VCF | PASS | OTHER | NA | TOTAL (PASS+OTHER) |
---|---|---|---|---|
GZIP | 759 | 110 | 12 | 869 |
LEON "lossless" | 759 | 110 | 12 | 869 |
LEON "lossy" | 767 | 103 | 11 | 870 |
The following chart show the differences between the AB (Allelic Ballance) of each SNV/indel. The AB from the VCF issue of GZIP (VCF1). We notice than there is no differences between GZIP and LEON "lossless" (VCF2). With LEON "lossy" mode there is some differences. The AB of 84 indels, on 192 indels in totals, is different but most of these (66) have an AB wich differ less than 2%. We can have the same conclusion with SNV with 344 wich differ, on a total of 666 SNV, and 318 wich differ less than 2%.

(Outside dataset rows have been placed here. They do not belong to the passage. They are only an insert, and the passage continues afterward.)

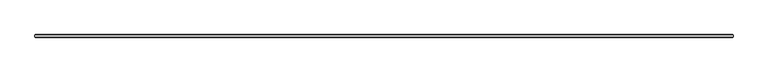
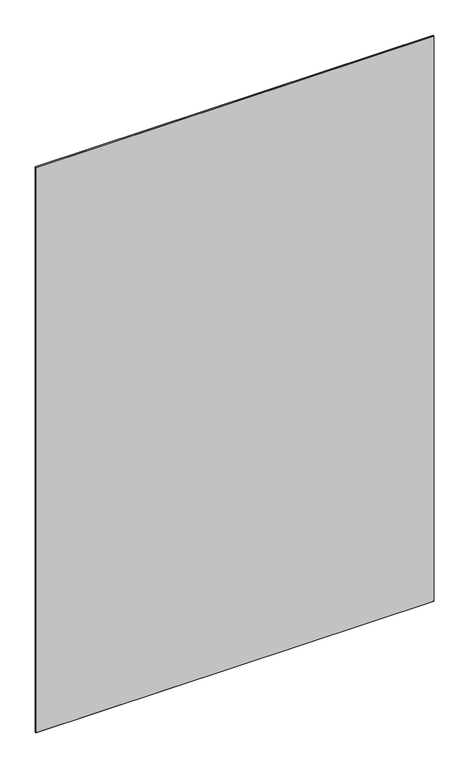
"""IFC4 building model written with IfcOpenShell, lengths in millimetres: plate geometry, 1-AMG-1-Панель одинарный витраж 8, 10 : Смещение 32 Толщина 8mm."""

from ifc_helpers import new_model, si_unit, origin, place, context, project, spatial, faceted_brep, source, transform, mapped, element, save


def plate_3ee4ef7e(model_context):
    return source(origin(), model_context, "Body", "Brep", [
        faceted_brep([(916.0011719, 29.5038347, 2751.0), (916.0011719, 34.4961653, 2751.0), (-921.0011719, 34.4961653, 2751.0), (-921.0011719, 29.5038347, 2751.0), (916.0011719, 34.4961653, -7.0), (916.0011719, 29.5038347, -7.0), (-921.0011719, 29.5038347, -7.0), (-921.0011719, 34.4961653, -7.0), (-919.4973372, 36.0, 2749.4961653), (914.4973372, 36.0, 2749.4961653), (914.4973372, 36.0, -5.5039422), (-919.4973372, 36.0, -5.5039422), (914.4973372, 28.0, 2749.4961653), (-919.4973372, 28.0, 2749.4961653), (-919.4973372, 28.0, -5.4961653), (914.4973372, 28.0, -5.4961653)], [[[0, 1, 2, 3]], [[4, 5, 6, 7]], [[8, 9, 10, 11]], [[3, 2, 7, 6]], [[12, 13, 14, 15]], [[1, 0, 5, 4]], [[1, 4, 10, 9]], [[5, 0, 12, 15]], [[7, 2, 8, 11]], [[3, 6, 14, 13]], [[0, 3, 13, 12]], [[2, 1, 9, 8]], [[6, 5, 15, 14]], [[4, 7, 11, 10]]]),
    ])


if __name__ == "__main__":
    model = new_model("IFC4")
    model_context = context("Model", 3, world=origin())
    ifc_project = project(units=[si_unit("LENGTHUNIT", "METRE", prefix="MILLI")], contexts=[model_context])
    site = spatial("IfcSite", under=ifc_project)
    building = spatial("IfcBuilding", under=site)
    placement = place(None, origin())
    plate_shape = plate_3ee4ef7e(model_context)
    element("IfcPlate", 1, ObjectType="1-AMG-1-Панель одинарный витраж 8, 10 : Смещение 32 Толщина 8mm", at=placement, inside=building, context=model_context, shape_type="MappedRepresentation", body=[
        mapped(plate_shape, transform((0.0, 0.0, 0.0), x_axis=(1.0, 0.0, 0.0), y_axis=(0.0, 1.0, 0.0), z_axis=(0.0, 0.0, 1.0))),
    ])
    save(model, "model.ifc")

- Benoit, G. et al. Reference-free compression of high throughput sequencing data with a probabilistic de Bruijn graph BMC bioinformatics 16, 288. issn: 1471-2105 (2015).
- International Human Genome Sequencing Consortium. Finishing the euchromatic sequence of the human genome Nature 431, 931–945. issn: 1476-4687 (Oct. 2004).
- Fleischmann, R. D. et al. Whole-genome random sequencing and assembly of Haemophilus influenzae Rd Science (New York, N.Y.) 269, 496– 512. issn: 0036-8075 (July 1995).
- Sanger, F., Nicklen, S. & Coulson, A. R. DNA sequencing with chain-terminating inhibitors Proceedings of the National Academy of Sciences of the United States of America 74, 5463–5467. issn: 0027-8424 (Dec. 1977).
- Van Dijk, E. L., Auger, H., Jaszczyszyn, Y. & Thermes, C. Ten years of next-generation sequencing technology Trends in genetics: TIG 30, 418–426. issn: 0168-9525 (Sept. 2014).